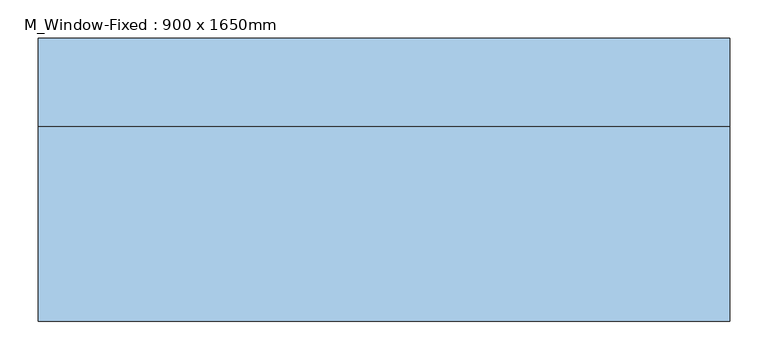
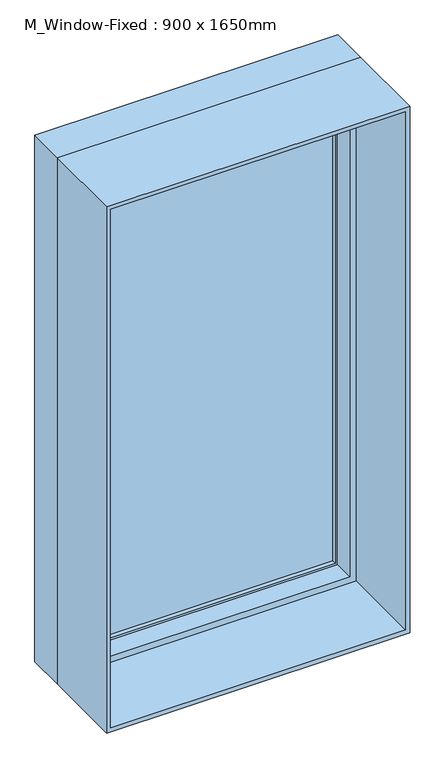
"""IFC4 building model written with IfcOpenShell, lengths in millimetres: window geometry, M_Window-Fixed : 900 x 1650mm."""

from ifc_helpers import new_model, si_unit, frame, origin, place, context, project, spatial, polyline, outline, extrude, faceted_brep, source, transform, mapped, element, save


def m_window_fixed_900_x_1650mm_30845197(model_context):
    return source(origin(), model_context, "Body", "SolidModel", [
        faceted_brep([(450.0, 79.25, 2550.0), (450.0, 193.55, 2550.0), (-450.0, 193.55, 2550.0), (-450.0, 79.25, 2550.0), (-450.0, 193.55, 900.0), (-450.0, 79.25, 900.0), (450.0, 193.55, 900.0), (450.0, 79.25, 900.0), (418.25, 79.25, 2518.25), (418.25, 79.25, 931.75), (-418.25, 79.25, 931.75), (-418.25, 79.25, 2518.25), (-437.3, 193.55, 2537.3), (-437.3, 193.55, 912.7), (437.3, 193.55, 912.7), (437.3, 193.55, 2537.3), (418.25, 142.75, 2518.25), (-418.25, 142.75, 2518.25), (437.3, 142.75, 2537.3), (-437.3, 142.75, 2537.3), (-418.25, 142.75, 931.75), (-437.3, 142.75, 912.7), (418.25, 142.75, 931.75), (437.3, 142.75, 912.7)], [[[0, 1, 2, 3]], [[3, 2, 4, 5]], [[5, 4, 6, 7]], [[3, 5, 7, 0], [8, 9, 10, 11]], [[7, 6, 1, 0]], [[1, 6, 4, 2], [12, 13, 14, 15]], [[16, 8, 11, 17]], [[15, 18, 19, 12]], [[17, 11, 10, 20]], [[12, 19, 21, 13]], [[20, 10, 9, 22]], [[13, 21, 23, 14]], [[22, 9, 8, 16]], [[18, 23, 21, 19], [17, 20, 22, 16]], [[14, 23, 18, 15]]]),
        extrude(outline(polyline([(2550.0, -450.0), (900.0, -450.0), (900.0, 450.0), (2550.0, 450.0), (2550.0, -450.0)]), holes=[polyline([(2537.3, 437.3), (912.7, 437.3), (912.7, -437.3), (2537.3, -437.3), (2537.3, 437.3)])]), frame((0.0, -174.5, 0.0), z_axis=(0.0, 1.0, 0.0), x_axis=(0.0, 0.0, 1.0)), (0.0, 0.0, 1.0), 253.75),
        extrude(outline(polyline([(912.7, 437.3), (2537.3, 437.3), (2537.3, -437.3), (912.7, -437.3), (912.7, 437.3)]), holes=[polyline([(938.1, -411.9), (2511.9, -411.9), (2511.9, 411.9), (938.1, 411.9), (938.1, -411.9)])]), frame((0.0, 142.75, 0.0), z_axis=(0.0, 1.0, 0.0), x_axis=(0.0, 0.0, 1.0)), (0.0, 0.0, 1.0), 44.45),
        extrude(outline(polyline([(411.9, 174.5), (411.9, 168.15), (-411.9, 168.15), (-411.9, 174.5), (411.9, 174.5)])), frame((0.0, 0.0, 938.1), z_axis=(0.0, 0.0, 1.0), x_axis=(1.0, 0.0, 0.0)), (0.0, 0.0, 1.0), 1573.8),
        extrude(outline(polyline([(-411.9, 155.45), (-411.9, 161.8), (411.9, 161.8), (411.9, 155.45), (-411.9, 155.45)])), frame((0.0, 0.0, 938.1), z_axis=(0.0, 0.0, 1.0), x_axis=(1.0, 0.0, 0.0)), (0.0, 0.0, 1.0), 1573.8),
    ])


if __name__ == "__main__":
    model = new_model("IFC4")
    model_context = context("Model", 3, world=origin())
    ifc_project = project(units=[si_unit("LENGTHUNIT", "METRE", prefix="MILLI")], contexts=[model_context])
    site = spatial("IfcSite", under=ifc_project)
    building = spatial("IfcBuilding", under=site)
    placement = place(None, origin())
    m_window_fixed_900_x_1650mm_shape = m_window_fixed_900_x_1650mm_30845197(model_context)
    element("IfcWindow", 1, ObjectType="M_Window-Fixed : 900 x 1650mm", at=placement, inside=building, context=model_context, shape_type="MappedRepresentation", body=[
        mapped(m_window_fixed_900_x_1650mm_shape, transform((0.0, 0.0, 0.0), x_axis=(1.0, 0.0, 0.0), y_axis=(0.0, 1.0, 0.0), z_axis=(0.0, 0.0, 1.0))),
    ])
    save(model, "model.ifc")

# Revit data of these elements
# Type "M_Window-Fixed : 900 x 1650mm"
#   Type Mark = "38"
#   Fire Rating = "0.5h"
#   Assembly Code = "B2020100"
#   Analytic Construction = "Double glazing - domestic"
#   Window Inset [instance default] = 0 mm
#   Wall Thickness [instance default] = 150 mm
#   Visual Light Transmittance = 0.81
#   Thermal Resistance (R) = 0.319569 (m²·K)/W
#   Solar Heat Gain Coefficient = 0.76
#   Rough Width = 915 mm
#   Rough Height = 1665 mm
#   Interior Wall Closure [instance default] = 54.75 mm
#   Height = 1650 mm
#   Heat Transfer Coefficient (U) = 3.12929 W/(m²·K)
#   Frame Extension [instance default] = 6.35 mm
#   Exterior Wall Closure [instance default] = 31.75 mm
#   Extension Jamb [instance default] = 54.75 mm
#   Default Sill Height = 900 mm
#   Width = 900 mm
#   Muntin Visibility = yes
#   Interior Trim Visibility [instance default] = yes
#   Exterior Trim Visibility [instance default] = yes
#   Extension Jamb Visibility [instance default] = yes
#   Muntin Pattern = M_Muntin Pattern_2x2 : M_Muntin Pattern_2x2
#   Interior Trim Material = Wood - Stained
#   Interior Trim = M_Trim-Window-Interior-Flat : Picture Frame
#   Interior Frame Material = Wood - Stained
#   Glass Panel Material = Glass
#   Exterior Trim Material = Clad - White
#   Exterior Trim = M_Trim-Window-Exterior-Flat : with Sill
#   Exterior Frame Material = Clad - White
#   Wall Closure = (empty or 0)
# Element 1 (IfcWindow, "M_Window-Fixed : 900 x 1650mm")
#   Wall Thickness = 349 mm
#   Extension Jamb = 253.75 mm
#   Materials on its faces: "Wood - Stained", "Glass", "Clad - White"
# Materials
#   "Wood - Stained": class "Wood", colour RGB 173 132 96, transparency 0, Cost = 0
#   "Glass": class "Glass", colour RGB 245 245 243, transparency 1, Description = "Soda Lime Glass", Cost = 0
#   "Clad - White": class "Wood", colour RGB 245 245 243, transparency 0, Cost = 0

━━━

[Exercise requirements] Could you return the listing above exactly, minus its pictures?

[Output]
"""IFC4 building model written with IfcOpenShell, lengths in millimetres: window geometry, M_Window-Fixed : 900 x 1650mm."""

from ifc_helpers import new_model, si_unit, frame, origin, place, context, project, spatial, polyline, outline, extrude, faceted_brep, source, transform, mapped, element, save


def m_window_fixed_900_x_1650mm_30845197(model_context):
    return source(origin(), model_context, "Body", "SolidModel", [
        faceted_brep([(450.0, 79.25, 2550.0), (450.0, 193.55, 2550.0), (-450.0, 193.55, 2550.0), (-450.0, 79.25, 2550.0), (-450.0, 193.55, 900.0), (-450.0, 79.25, 900.0), (450.0, 193.55, 900.0), (450.0, 79.25, 900.0), (418.25, 79.25, 2518.25), (418.25, 79.25, 931.75), (-418.25, 79.25, 931.75), (-418.25, 79.25, 2518.25), (-437.3, 193.55, 2537.3), (-437.3, 193.55, 912.7), (437.3, 193.55, 912.7), (437.3, 193.55, 2537.3), (418.25, 142.75, 2518.25), (-418.25, 142.75, 2518.25), (437.3, 142.75, 2537.3), (-437.3, 142.75, 2537.3), (-418.25, 142.75, 931.75), (-437.3, 142.75, 912.7), (418.25, 142.75, 931.75), (437.3, 142.75, 912.7)], [[[0, 1, 2, 3]], [[3, 2, 4, 5]], [[5, 4, 6, 7]], [[3, 5, 7, 0], [8, 9, 10, 11]], [[7, 6, 1, 0]], [[1, 6, 4, 2], [12, 13, 14, 15]], [[16, 8, 11, 17]], [[15, 18, 19, 12]], [[17, 11, 10, 20]], [[12, 19, 21, 13]], [[20, 10, 9, 22]], [[13, 21, 23, 14]], [[22, 9, 8, 16]], [[18, 23, 21, 19], [17, 20, 22, 16]], [[14, 23, 18, 15]]]),
        extrude(outline(polyline([(2550.0, -450.0), (900.0, -450.0), (900.0, 450.0), (2550.0, 450.0), (2550.0, -450.0)]), holes=[polyline([(2537.3, 437.3), (912.7, 437.3), (912.7, -437.3), (2537.3, -437.3), (2537.3, 437.3)])]), frame((0.0, -174.5, 0.0), z_axis=(0.0, 1.0, 0.0), x_axis=(0.0, 0.0, 1.0)), (0.0, 0.0, 1.0), 253.75),
        extrude(outline(polyline([(912.7, 437.3), (2537.3, 437.3), (2537.3, -437.3), (912.7, -437.3), (912.7, 437.3)]), holes=[polyline([(938.1, -411.9), (2511.9, -411.9), (2511.9, 411.9), (938.1, 411.9), (938.1, -411.9)])]), frame((0.0, 142.75, 0.0), z_axis=(0.0, 1.0, 0.0), x_axis=(0.0, 0.0, 1.0)), (0.0, 0.0, 1.0), 44.45),
        extrude(outline(polyline([(411.9, 174.5), (411.9, 168.15), (-411.9, 168.15), (-411.9, 174.5), (411.9, 174.5)])), frame((0.0, 0.0, 938.1), z_axis=(0.0, 0.0, 1.0), x_axis=(1.0, 0.0, 0.0)), (0.0, 0.0, 1.0), 1573.8),
        extrude(outline(polyline([(-411.9, 155.45), (-411.9, 161.8), (411.9, 161.8), (411.9, 155.45), (-411.9, 155.45)])), frame((0.0, 0.0, 938.1), z_axis=(0.0, 0.0, 1.0), x_axis=(1.0, 0.0, 0.0)), (0.0, 0.0, 1.0), 1573.8),
    ])


if __name__ == "__main__":
    model = new_model("IFC4")
    model_context = context("Model", 3, world=origin())
    ifc_project = project(units=[si_unit("LENGTHUNIT", "METRE", prefix="MILLI")], contexts=[model_context])
    site = spatial("IfcSite", under=ifc_project)
    building = spatial("IfcBuilding", under=site)
    placement = place(None, origin())
    m_window_fixed_900_x_1650mm_shape = m_window_fixed_900_x_1650mm_30845197(model_context)
    element("IfcWindow", 1, ObjectType="M_Window-Fixed : 900 x 1650mm", at=placement, inside=building, context=model_context, shape_type="MappedRepresentation", body=[
        mapped(m_window_fixed_900_x_1650mm_shape, transform((0.0, 0.0, 0.0), x_axis=(1.0, 0.0, 0.0), y_axis=(0.0, 1.0, 0.0), z_axis=(0.0, 0.0, 1.0))),
    ])
    save(model, "model.ifc")

# Revit data of these elements
# Type "M_Window-Fixed : 900 x 1650mm"
#   Type Mark = "38"
#   Fire Rating = "0.5h"
#   Assembly Code = "B2020100"
#   Analytic Construction = "Double glazing - domestic"
#   Window Inset [instance default] = 0 mm
#   Wall Thickness [instance default] = 150 mm
#   Visual Light Transmittance = 0.81
#   Thermal Resistance (R) = 0.319569 (m²·K)/W
#   Solar Heat Gain Coefficient = 0.76
#   Rough Width = 915 mm
#   Rough Height = 1665 mm
#   Interior Wall Closure [instance default] = 54.75 mm
#   Height = 1650 mm
#   Heat Transfer Coefficient (U) = 3.12929 W/(m²·K)
#   Frame Extension [instance default] = 6.35 mm
#   Exterior Wall Closure [instance default] = 31.75 mm
#   Extension Jamb [instance default] = 54.75 mm
#   Default Sill Height = 900 mm
#   Width = 900 mm
#   Muntin Visibility = yes
#   Interior Trim Visibility [instance default] = yes
#   Exterior Trim Visibility [instance default] = yes
#   Extension Jamb Visibility [instance default] = yes
#   Muntin Pattern = M_Muntin Pattern_2x2 : M_Muntin Pattern_2x2
#   Interior Trim Material = Wood - Stained
#   Interior Trim = M_Trim-Window-Interior-Flat : Picture Frame
#   Interior Frame Material = Wood - Stained
#   Glass Panel Material = Glass
#   Exterior Trim Material = Clad - White
#   Exterior Trim = M_Trim-Window-Exterior-Flat : with Sill
#   Exterior Frame Material = Clad - White
#   Wall Closure = (empty or 0)
# Element 1 (IfcWindow, "M_Window-Fixed : 900 x 1650mm")
#   Wall Thickness = 349 mm
#   Extension Jamb = 253.75 mm
#   Materials on its faces: "Wood - Stained", "Glass", "Clad - White"
# Materials
#   "Wood - Stained": class "Wood", colour RGB 173 132 96, transparency 0, Cost = 0
#   "Glass": class "Glass", colour RGB 245 245 243, transparency 1, Description = "Soda Lime Glass", Cost = 0
#   "Clad - White": class "Wood", colour RGB 245 245 243, transparency 0, Cost = 0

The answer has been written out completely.